Last week I made contact with a delightful lady who was the very first person to read a completed work of mine, namely the almost-but-not-quite final draft of Signs of (a) Life. It's still for sale, by the way (that's a hint). Her feedback was the main reason for me going on to publish my efforts, and for my continued grunting and straining over a keyboard. This made it all the more difficult to send her a copy of the latest finished piece, but despite my resistance to the idea, she convinced me to do so. I did, too.
It's like a slow torture.
Waiting for feedback on a piece of work is always nerve-jangling, but waiting for feedback on something that I don't feel very happy about is somehow worse. Every hour without word has me more and more convinced that the other person is struggling to find a way to let me down gently; trying to find words that will not instantly reduce me to artistic tears and the hurling of breakable items, but instead only result in a slow decline into booze and quiet sobbing. While this approach to crucifying my work endears me to hem (despite it only being in my imagination), it also makes me wish for a quicker, cleaner coup de grace.
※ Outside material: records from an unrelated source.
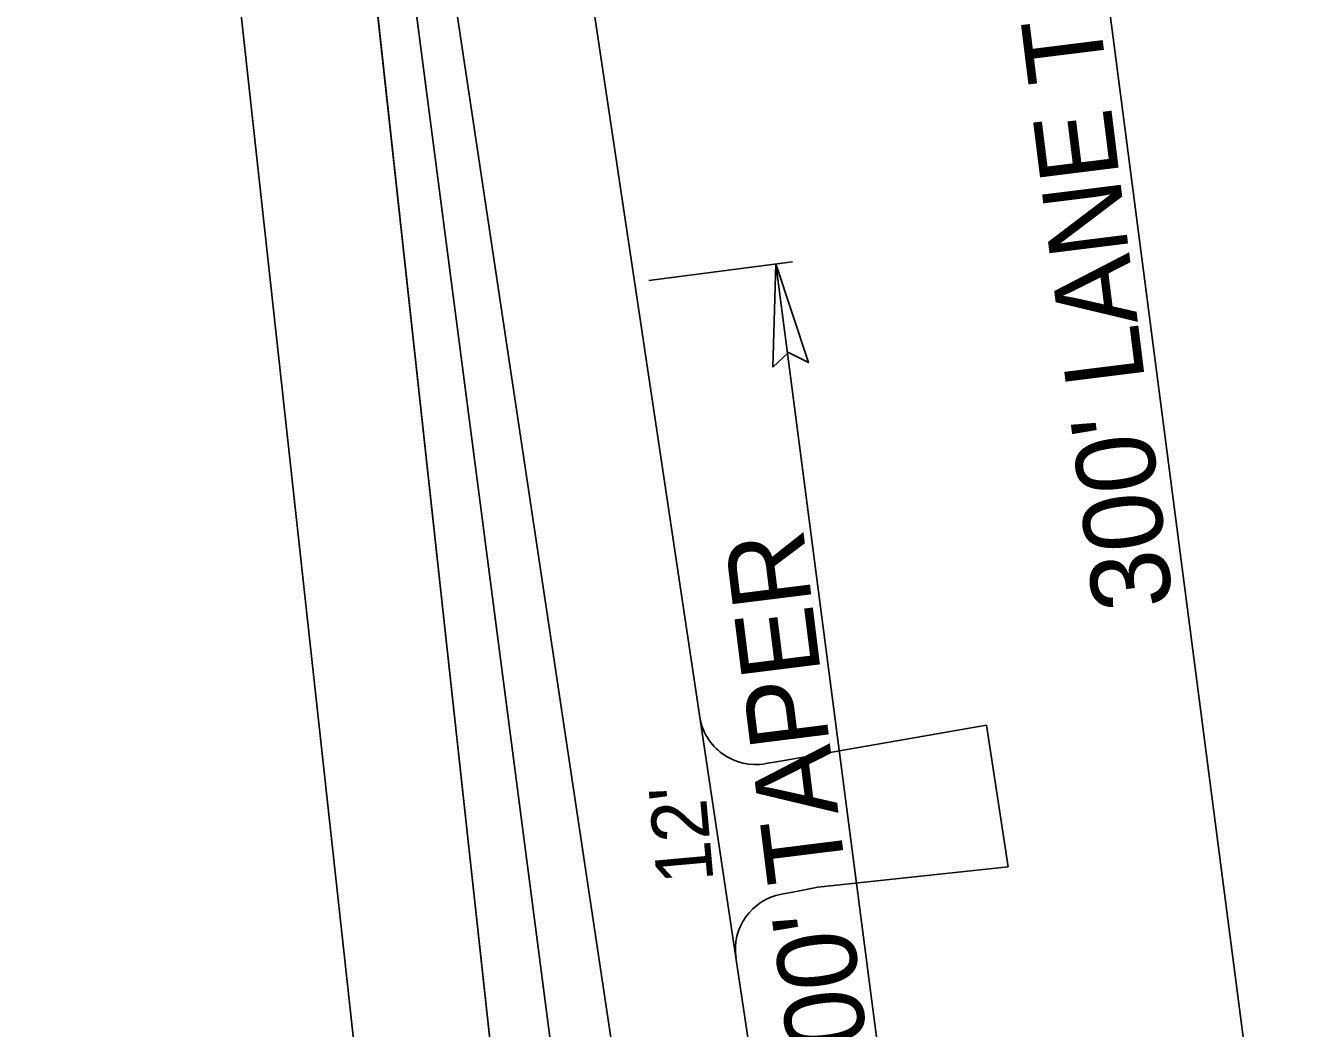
# Model space of a CAD drawing. Extents: x 2367848 to 2369479, y 800728 to 808616.
# Drawn here: x 2368315.2 to 2368427.3, y 808105 to 808193.7 of the extents above; entities that cross this region are included whole.
import ezdxf

# ---------------------------------------------------------------- set-up
doc = ezdxf.new("R2010")
doc.units = 0
for name, color, linetype in [('Prop Dimension', 7, 'Continuous'), ('Prop EOT', 7, 'Continuous'), ('Prop Horizontal Alignment', 7, 'Continuous'), ('Prop Lane Lines', 7, 'Continuous'), ('Prop Paint Stripe', 7, 'Continuous'), ('Prop Terminator CELL', 7, 'Continuous')]:
    doc.layers.add(name, color=color, linetype=linetype)

msp = doc.modelspace()

# ---------------------------------------------------------------- linework, layer by layer
at = {"layer": 'Prop Dimension'}
for p, q in [((2368387.64, 808375.11), (2368426.37, 808077.62)), ((2368370.36, 808171.17), (2368383.06, 808172.82)), ((2368381.58, 808172.63), (2368394.49, 808073.47))]:
    msp.add_line(p, q, dxfattribs=at)
at = {"layer": 'Prop EOT'}
for p, q in [((2368339.44, 808368.83), (2368383.94, 808072.1)), ((2368348.25, 808067.45), (2368315.58, 808365.73)), ((2368400.2, 808131.84), (2368381.64, 808128.6)), ((2368402.11, 808119.3), (2368400.2, 808131.84)), ((2368381.64, 808128.6), (2368380.67, 808128.43)), ((2368385.29, 808117.5), (2368402.11, 808119.3)), ((2368382.08, 808116.89), (2368383.37, 808117.13)), ((2368383.37, 808117.13), (2368385.29, 808117.5))]:
    msp.add_line(p, q, dxfattribs=at)
for centre, start, end in [((2368379.8, 808133.35), 188.5292, 279.9123), ((2368383.01, 808111.98), 100.7621, 188.5292)]:
    msp.add_arc(centre, 5, start, end, dxfattribs=at)
at = {"layer": 'Prop Horizontal Alignment'}
msp.add_line((2368427.27, 807599.89), (2368315.24, 808460.34), dxfattribs=at)
at = {"layer": 'Prop Lane Lines'}
for p, q in [((2368360.2, 808068.57), (2368327.53, 808366.85)), ((2368327.59, 808366.86), (2368372.04, 808070.55)), ((2368360.2, 808068.57), (2368349.27, 808168.42))]:
    msp.add_line(p, q, dxfattribs=at)
at = {"layer": 'Prop Paint Stripe'}
for p, q in [((2368327.53, 808366.85), (2368349.27, 808168.42)), ((2368372.04, 808070.55), (2368327.59, 808366.86)), ((2368372.04, 808070.55), (2368327.59, 808366.86)), ((2368349.27, 808168.42), (2368360.2, 808068.57))]:
    msp.add_line(p, q, dxfattribs=at)
msp.add_lwpolyline([(2368327.53, 808366.85), (2368349.27, 808168.42), (2368360.2, 808068.57)], dxfattribs=at)
at = {"layer": 'Prop Terminator CELL'}
msp.add_lwpolyline([(2368381.33, 808163.5), (2368381.58, 808172.63), (2368384.46, 808163.9), (2368382.71, 808164.81)], close=True, dxfattribs=at)

# ---------------------------------------------------------------- texts
at = {"layer": 'Prop Dimension'}
for s, height, rotation, p in [("300' LANE TAPER LT & RT", 7, 97.1063, (2368416.71, 808142.47)), ("100' TAPER", 7, 97.1063, (2368390.31, 808098.53)), ("12'", 5, 95.1308, (2368376.09, 808118.04))]:
    msp.add_text(s, height=height, rotation=rotation, dxfattribs=at).set_placement(p)

doc.saveas('drawing.dxf')
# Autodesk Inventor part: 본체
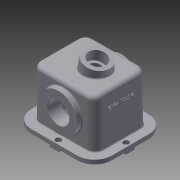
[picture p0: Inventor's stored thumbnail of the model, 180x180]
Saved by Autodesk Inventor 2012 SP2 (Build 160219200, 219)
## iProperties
Created: 2014-11
Part Number: 본체
Material: 알루미늄-6061
Document SubType Name: Modeling
Designer: cad-man
Density: 2.71 g/cm^3
Mass: 2852 g
Surface Area: 2105.51 cm^2
Volume: 1052.4 cm^3
Author: cad-man
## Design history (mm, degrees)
sketch "스케치2"
  geometry: L1 (-98, 87)-(98, 87); L2 (98, 87)-(98, -87); L3 (98, -87)-(-98, -87); L4 (-98, -87)-(-98, 87); 3 further points
  constraints: 8 end point, 2 midpoint, 2 parallel, 1 horizontal, 1 horizontal alignment, 1 perpendicular, 1 vertical alignment
  dimensions: "d0" = 196 distance of L2.end L3.end; "d1" = 174 distance of L1.end L2.end
extrude "돌출1" new body sketch "스케치2" distance "d2" = 10; taper "d3" = 0 deg
sketch "스케치3"
  geometry: L1 (-76, 65)-(76, 65); L2 (76, 65)-(76, -65); L3 (76, -65)-(-76, -65); L4 (-76, -65)-(-76, 65); 3 further points
  constraints: 8 end point, 2 midpoint, 2 parallel, 1 horizontal, 1 horizontal alignment, 1 perpendicular, 1 vertical alignment
  dimensions: "d4" = 152 distance of L2.end L3.end; "d5" = 130 distance of L3.end L1.start
extrude "돌출2" join sketch "스케치3" distance "d6" = 118; taper "d7" = 0 deg
sketch "스케치4"
  geometry: L1 (98, -87)-(98, 87) reference; L2 (98, 11)-(78, 11); L3 (78, 11)-(78, -11); L4 (78, -11)-(98, -11); L5 (98, -11)-(98, 11); 2 further points
  constraints: 8 end point, 2 parallel, 1 horizontal, 1 horizontal alignment, 1 midpoint, 1 perpendicular, 1 point on line
  dimensions: "d10" = 20 distance of L4.end L3.end; "d11" = 22 distance of L3.end L2.end
extrude "돌출3" join sketch "스케치4" distance "d12" = 5; taper "d13" = 0 deg
sketch "스케치12"
  geometry: 2 further points
  constraints: 1 horizontal alignment
  dimensions: "d60" = 88 distance of point (0, 0) point (-88, 0)
hole "구멍4" sketch "스케치12" at (-88, 0) diameter "d61" = 9; stored, may be unused: countersink angle "d65" = 90 deg, drill point angle "d67" = 118 deg; dims "d62" = 6, "d63" = 14, "d64" = 8.6, "d66" = 86
sketch "스케치5"
  geometry: L1 (-98, -87)-(98, -87) reference; L2 (-11, -87)-(11, -87); L3 (11, -87)-(11, -67); L4 (11, -67)-(-11, -67); L5 (-11, -67)-(-11, -87); 2 further points
  constraints: 8 end point, 2 parallel, 1 horizontal, 1 midpoint, 1 perpendicular, 1 point on line, 1 vertical alignment
  dimensions: "d14" = 22 distance of L4.end L3.end; "d15" = 20 distance of L3.end L2.end
extrude "돌출4" join sketch "스케치5" distance "d16" = 5; taper "d17" = 0 deg
sketch "스케치6"
  geometry: L1 (-11, 0)-(11, 0) reference; L2 (-76, 10)-(-76, 128) reference; L3 (76, 10)-(76, 128) reference; L4 (0, 68)-(-76, 68); L5 (0, 68)-(-17.88, 152.121); L6 (-17.88, 152.121)-(12.442, 158.566); L7 (12.442, 158.566)-(30.323, 74.445); L8 (30.323, 74.445)-(0, 68); 1 further point
  constraints: 10 end point, 2 parallel, 2 perpendicular, 1 point on line, 1 vertical alignment
  dimensions: "d18" = 68 distance from line of L1 L4.start; "d19" = 86 distance of L4.start L5.end; "d20" = 78 deg angle of L4 L5; "d21" = 62 diameter of L7 L5
revolve "회전1" sketch "스케치6" stored, may be unused: angle "d22" = 90 deg
sketch "스케치8"
  geometry: L1 (-66, 55)-(66, 55); L2 (66, 55)-(66, -55); L3 (66, -55)-(-66, -55); L4 (-66, -55)-(-66, 55); 3 further points
  constraints: 8 end point, 2 midpoint, 2 parallel, 1 horizontal, 1 horizontal alignment, 1 perpendicular, 1 vertical alignment
  dimensions: "d23" = 132 distance of L2.end L3.end; "d24" = 110 distance of L1.end L2.end
extrude "돌출5" cut sketch "스케치8" distance "d25" = 118; taper "d26" = 0 deg
sketch "스케치10"
  geometry: L1 (-65, 10)-(-65, 128) reference; L2 (55, 0)-(-55, 0) reference; L3 (0, 68)-(-65, 68); L4 (-65, 113.5)-(-77, 113.5); L5 (-77, 113.5)-(-77, 68); L6 (-77, 68)-(-65, 68); L7 (-55, 0)-(-55, 118) reference; L8 (-65, 113.5)-(-55, 113.5); L9 (-55, 113.5)-(-45, 103.5); L10 (-45, 103.5)-(-45, 68); 2 further points
  constraints: 14 end point, 4 point on line, 3 perpendicular, 2 horizontal, 1 collinear, 1 midpoint, 1 vertical alignment
  dimensions: "d27" = 68 distance between parallel lines of L2 L3; "d28" = 91 diameter of L4 L3; "d29" = 12 distance of L4.start L4.end; "d30" = 10 distance between parallel lines of L10 L7; "d31" = 45 deg angle of L7 L9
revolve "회전2" sketch "스케치10" stored, may be unused: angle "d32" = 90 deg
hole "구멍1" diameter "d35" = 52; stored, may be unused: countersink angle "d39" = 90 deg, drill point angle "d41" = 118 deg; dims "d33" = 10, "d34" = 10, "d36" = 6, "d37" = 42, "d38" = 25, "d40" = 32
hole "구멍2" diameter "d44" = 52; stored, may be unused: countersink angle "d48" = 90 deg, drill point angle "d50" = 118 deg; dims "d42" = 10, "d43" = 10, "d45" = 6, "d46" = 42, "d47" = 25, "d49" = 32
hole "구멍3" diameter "d53" = 30; stored, may be unused: countersink angle "d57" = 90 deg, drill point angle "d59" = 118 deg; dims "d51" = 10, "d52" = 10, "d54" = 6, "d55" = 42, "d56" = 25, "d58" = 86
sketch "스케치13"
  geometry: L1 (-98, 87)-(98, 87) reference; L2 (98, -87)-(-98, -87) reference; C1 r 7 at (-88, 0) reference; 4 further points
  constraints: 2 vertical alignment, 1 horizontal alignment
  dimensions: "d68" = 176 distance of point (88, 0) C1.centre; "d69" = 10 distance from line of L1 point (0, 77); "d70" = 10 distance from line of L2 point (0, -77)
hole "구멍5" sketch "스케치13" at (88, 0), (0, 77), (0, -77) diameter "d71" = 9; stored, may be unused: countersink angle "d75" = 90 deg, drill point angle "d77" = 118 deg; dims "d72" = 6, "d73" = 14, "d74" = 8.6, "d76" = 86
sketch "스케치14"
  geometry: L1 (0, 152)-(0, -22) reference; 3 further points
  constraints: 1 horizontal alignment, 1 midpoint, 1 other
  dimensions: "d78" = 92 distance of point (10, 65) point (-82, 65)
feature "엠보싱1" sketch "스케치14" dims "d0" = 196, "d1" = 174, "d10" = 20, "d11" = 22, "d79" = 1, "d80" = 0
sketch "스케치15" dims "d81" = 70
  geometry: C1 r 26 at (0, 0) reference; C2 r 45.5 at (0, 0) reference; 3 further points
  constraints: 2 vertical alignment, 1 coincident, 2 other
hole "구멍6" sketch "스케치15" at (0, 35) diameter "d82" = 3.459; stored, may be unused: countersink angle "d86" = 90 deg, drill point angle "d88" = 118 deg; dims "d83" = 13, "d84" = 14, "d85" = 8.6, "d87" = 16
fillet "모깎기1" dims "d92" = 20
fillet "모깎기2" dims "d93" = 10
fillet "모깎기3" dims "d94" = 3, "d95" = 42
fillet "모깎기4" dims "d96" = 3
fillet "모깎기5" dims "d97" = 3
chamfer "모따기1" distance "d98" = 1; stored, may be unused: second distance "d99" = 2, angle "d100" = 45 deg
fillet "모깎기6" dims "d101" = 10
fillet "모깎기7" dims "d102" = 3
fillet "모깎기8" dims "d103" = 0.3
node "솔리드1"
mirror "대칭1"
mirror "대칭2"
mirror "대칭3"
pattern_circular "원형 패턴1" dims angle "d90" = 360 deg
mirror "대칭4"

Not getting back to me quickly and dragging it out (as they all are) is like waiting to have a root canal done: I know it's going to be uncomfortable, but can we just get it over with, please?
Also lurking somewhere towards the back of my mind (but not far enough to be unnoticed) is the knowledge that there's a good chance that I'm going to feel compelled to fix whatever feedback comes my way. It's not that I don't think that the story shouldn't be told, you see; it's fixing the telling that will be a...well to be blunt, a royal pain in the rear end. I may even have to start all over again.